--- START ---

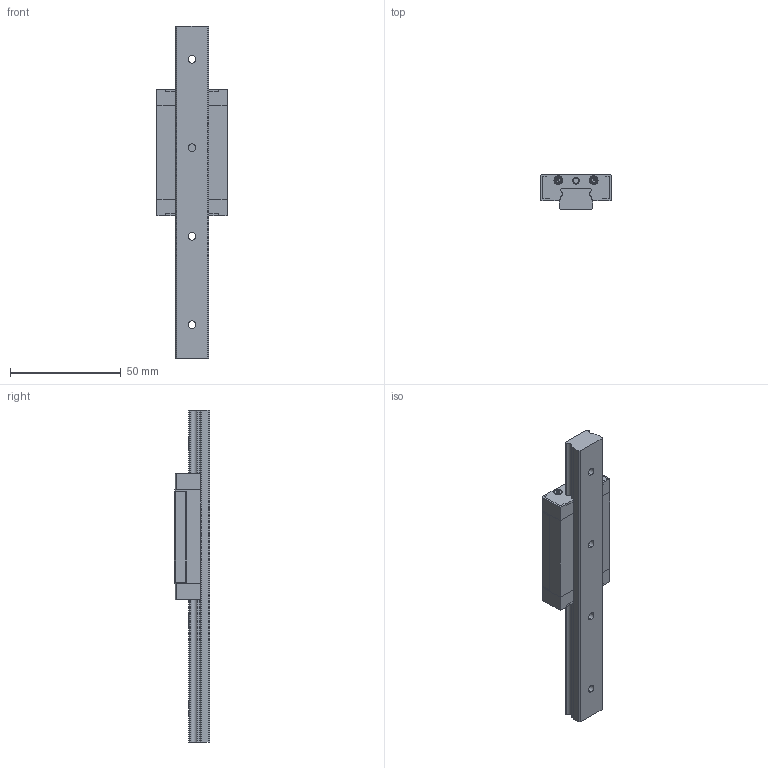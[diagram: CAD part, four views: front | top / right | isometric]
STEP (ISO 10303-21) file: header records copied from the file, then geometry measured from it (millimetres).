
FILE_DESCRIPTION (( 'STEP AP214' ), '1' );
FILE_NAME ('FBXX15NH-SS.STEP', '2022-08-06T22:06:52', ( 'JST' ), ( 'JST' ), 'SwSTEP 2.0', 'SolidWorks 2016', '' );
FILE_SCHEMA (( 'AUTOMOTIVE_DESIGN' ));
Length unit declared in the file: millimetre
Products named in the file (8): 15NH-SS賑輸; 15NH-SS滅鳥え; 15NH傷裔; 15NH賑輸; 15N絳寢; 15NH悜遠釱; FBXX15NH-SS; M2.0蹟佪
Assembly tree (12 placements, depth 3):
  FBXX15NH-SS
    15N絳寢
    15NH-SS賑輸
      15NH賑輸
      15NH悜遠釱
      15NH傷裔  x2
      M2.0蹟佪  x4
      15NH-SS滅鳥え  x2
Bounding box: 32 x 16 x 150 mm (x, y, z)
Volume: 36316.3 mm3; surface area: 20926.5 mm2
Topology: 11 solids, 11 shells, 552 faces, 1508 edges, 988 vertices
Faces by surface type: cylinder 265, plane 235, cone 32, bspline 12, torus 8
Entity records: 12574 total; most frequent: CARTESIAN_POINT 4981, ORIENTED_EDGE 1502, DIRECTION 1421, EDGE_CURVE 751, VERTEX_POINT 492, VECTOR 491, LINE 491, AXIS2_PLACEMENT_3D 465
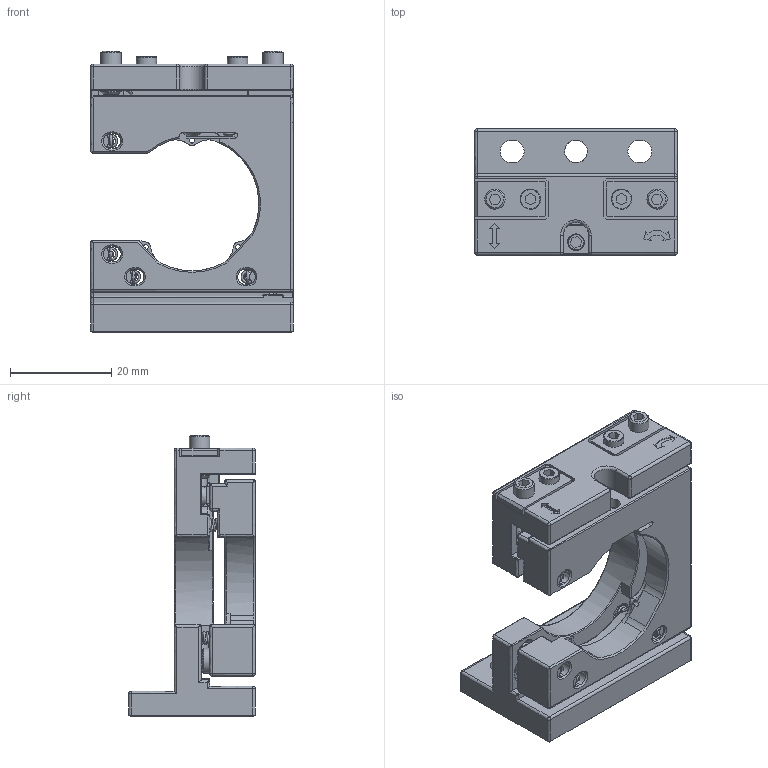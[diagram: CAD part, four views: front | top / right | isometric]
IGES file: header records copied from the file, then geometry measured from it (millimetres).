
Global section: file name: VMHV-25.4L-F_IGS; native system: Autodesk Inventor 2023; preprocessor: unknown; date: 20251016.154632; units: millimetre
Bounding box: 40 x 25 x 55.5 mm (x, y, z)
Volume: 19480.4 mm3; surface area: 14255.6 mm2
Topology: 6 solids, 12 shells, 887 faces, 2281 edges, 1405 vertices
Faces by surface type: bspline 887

--- END ---

Problem statement
The expected answer is the data retyped exactly, without pictures.

Output of the exercise
[diagram: CAD part, four views: front | top / right | isometric]
STEP (ISO 10303-21) file: header records copied from the file, then geometry measured from it (millimetres).
FILE_DESCRIPTION (( 'STEP AP214' ), '1' );
FILE_NAME ('FBXX15NH-SS.STEP', '2022-08-06T22:06:52', ( 'JST' ), ( 'JST' ), 'SwSTEP 2.0', 'SolidWorks 2016', '' );
FILE_SCHEMA (( 'AUTOMOTIVE_DESIGN' ));
Length unit declared in the file: millimetre
Products named in the file (8): 15NH-SS賑輸; 15NH-SS滅鳥え; 15NH傷裔; 15NH賑輸; 15N絳寢; 15NH悜遠釱; FBXX15NH-SS; M2.0蹟佪
Assembly tree (12 placements, depth 3):
  FBXX15NH-SS
    15N絳寢
    15NH-SS賑輸
      15NH賑輸
      15NH悜遠釱
      15NH傷裔  x2
      M2.0蹟佪  x4
      15NH-SS滅鳥え  x2
Bounding box: 32 x 16 x 150 mm (x, y, z)
Volume: 36316.3 mm3; surface area: 20926.5 mm2
Topology: 11 solids, 11 shells, 552 faces, 1508 edges, 988 vertices
Faces by surface type: cylinder 265, plane 235, cone 32, bspline 12, torus 8
Entity records: 12574 total; most frequent: CARTESIAN_POINT 4981, ORIENTED_EDGE 1502, DIRECTION 1421, EDGE_CURVE 751, VERTEX_POINT 492, VECTOR 491, LINE 491, AXIS2_PLACEMENT_3D 465
[diagram: CAD part, four views: front | top / right | isometric]
IGES file: header records copied from the file, then geometry measured from it (millimetres).
Global section: file name: VMHV-25.4L-F_IGS; native system: Autodesk Inventor 2023; preprocessor: unknown; date: 20251016.154632; units: millimetre
Bounding box: 40 x 25 x 55.5 mm (x, y, z)
Volume: 19480.4 mm3; surface area: 14255.6 mm2
Topology: 6 solids, 12 shells, 887 faces, 2281 edges, 1405 vertices
Faces by surface type: bspline 887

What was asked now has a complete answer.